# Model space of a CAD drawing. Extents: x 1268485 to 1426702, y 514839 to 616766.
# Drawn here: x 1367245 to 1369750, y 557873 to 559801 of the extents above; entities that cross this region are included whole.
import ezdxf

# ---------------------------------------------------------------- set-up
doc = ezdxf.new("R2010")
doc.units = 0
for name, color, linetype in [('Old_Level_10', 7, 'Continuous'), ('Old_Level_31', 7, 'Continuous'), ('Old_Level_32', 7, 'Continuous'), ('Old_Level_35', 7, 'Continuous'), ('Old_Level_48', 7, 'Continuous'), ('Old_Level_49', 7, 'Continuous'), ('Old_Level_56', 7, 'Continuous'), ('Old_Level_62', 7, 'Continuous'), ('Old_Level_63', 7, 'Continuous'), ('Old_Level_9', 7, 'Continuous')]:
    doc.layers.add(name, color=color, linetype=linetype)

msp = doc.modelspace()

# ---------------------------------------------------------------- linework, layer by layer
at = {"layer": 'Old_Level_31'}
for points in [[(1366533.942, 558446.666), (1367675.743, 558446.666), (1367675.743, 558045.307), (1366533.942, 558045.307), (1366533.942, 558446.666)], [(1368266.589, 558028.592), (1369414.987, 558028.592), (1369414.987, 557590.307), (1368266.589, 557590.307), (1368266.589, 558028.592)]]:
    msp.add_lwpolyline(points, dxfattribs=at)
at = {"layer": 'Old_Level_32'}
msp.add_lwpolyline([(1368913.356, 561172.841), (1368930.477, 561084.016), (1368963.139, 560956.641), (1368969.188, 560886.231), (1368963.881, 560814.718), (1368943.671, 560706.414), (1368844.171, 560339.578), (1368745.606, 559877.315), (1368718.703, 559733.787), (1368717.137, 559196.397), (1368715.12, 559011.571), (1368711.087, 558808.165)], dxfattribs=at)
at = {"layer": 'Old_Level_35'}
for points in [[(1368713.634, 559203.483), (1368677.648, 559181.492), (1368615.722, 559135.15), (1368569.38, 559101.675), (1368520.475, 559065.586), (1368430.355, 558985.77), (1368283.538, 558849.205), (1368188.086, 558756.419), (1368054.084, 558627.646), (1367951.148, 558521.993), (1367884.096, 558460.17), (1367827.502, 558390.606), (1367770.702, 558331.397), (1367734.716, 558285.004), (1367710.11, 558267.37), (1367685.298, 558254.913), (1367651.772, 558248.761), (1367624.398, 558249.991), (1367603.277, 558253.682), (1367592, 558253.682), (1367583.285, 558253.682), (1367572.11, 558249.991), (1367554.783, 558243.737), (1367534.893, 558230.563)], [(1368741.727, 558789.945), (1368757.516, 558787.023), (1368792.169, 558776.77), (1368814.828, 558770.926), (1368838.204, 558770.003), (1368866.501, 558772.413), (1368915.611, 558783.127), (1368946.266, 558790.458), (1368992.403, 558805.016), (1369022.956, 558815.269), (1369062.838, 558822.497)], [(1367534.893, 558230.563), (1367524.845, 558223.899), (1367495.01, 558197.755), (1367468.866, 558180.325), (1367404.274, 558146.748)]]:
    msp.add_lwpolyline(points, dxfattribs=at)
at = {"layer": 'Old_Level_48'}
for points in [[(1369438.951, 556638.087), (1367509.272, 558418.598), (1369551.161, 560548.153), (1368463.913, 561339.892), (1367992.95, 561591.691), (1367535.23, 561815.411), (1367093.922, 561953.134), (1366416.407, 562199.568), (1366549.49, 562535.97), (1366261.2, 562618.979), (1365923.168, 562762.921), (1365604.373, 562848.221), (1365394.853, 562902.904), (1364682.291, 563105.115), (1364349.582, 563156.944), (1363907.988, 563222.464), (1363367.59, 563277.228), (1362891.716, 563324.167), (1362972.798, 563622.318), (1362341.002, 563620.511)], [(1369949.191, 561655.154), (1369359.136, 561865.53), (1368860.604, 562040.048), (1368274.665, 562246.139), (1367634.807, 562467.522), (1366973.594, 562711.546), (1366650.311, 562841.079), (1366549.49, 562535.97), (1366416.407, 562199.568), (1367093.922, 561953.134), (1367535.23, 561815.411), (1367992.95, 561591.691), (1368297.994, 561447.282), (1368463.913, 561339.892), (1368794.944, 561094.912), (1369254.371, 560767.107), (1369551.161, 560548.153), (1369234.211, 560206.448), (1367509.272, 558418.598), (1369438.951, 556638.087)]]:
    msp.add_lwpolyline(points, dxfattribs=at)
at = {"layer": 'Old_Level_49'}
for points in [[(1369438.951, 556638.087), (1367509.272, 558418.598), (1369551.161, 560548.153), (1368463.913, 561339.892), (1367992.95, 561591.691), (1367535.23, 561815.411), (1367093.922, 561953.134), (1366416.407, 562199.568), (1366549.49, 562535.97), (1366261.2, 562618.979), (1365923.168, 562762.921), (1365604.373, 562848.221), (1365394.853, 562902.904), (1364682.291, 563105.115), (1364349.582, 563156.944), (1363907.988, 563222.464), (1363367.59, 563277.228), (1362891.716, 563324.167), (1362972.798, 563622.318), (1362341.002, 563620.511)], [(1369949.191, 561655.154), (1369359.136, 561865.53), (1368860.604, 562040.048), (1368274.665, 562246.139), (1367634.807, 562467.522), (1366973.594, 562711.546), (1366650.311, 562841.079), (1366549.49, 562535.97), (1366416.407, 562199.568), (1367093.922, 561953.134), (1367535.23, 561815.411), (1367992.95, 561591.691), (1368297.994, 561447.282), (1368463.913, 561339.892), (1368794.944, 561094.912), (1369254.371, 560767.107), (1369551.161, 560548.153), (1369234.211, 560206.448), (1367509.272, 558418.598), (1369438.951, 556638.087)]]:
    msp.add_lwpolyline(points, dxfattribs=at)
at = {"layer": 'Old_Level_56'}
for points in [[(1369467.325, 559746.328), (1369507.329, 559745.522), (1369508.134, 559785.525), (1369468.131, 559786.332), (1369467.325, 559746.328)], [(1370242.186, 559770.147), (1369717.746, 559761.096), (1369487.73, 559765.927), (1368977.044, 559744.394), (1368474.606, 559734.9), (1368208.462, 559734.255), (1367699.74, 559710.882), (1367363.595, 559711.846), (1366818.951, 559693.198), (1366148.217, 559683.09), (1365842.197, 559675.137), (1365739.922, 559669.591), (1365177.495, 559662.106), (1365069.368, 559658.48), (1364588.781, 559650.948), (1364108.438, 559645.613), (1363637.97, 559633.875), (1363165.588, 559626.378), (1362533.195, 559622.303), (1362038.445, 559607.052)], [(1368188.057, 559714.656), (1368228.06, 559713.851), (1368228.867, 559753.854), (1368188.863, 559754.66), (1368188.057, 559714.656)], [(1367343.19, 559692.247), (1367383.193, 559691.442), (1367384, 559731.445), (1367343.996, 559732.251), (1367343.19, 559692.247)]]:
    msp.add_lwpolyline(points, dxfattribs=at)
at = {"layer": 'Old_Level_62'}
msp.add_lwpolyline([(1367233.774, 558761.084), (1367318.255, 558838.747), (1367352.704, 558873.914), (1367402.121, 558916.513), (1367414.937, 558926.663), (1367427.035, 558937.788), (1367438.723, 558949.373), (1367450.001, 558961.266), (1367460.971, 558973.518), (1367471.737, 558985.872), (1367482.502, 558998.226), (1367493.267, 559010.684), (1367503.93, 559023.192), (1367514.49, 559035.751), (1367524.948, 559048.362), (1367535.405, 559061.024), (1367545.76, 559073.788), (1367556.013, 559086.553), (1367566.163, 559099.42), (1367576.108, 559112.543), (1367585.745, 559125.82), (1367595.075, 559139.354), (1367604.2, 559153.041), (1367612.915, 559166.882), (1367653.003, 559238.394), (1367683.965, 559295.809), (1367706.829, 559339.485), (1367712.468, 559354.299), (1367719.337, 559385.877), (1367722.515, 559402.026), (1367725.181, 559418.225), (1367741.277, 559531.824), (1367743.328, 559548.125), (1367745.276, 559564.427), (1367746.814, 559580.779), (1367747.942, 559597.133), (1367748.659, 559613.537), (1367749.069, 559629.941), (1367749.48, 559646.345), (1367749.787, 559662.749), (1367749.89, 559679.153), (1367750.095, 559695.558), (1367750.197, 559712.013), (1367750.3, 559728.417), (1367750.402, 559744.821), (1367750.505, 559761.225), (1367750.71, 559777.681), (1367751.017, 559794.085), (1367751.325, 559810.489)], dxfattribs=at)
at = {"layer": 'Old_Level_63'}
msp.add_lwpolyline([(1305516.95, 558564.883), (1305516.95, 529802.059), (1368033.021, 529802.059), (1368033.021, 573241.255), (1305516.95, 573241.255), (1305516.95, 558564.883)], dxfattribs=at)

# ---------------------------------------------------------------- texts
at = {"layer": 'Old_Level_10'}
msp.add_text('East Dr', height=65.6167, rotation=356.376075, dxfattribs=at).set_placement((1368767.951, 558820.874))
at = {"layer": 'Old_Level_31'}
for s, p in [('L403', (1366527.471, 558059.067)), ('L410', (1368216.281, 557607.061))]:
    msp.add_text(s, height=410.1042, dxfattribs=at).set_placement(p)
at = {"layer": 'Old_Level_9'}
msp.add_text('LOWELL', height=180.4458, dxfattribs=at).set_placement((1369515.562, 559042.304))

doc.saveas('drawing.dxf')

:: WHAT IS BEING ASKED ::
Take the entries above and copy out all lines with the string "drawing".

:: RESULT ::
# Model space of a CAD drawing. Extents: x 1268485 to 1426702, y 514839 to 616766.
doc.saveas('drawing.dxf')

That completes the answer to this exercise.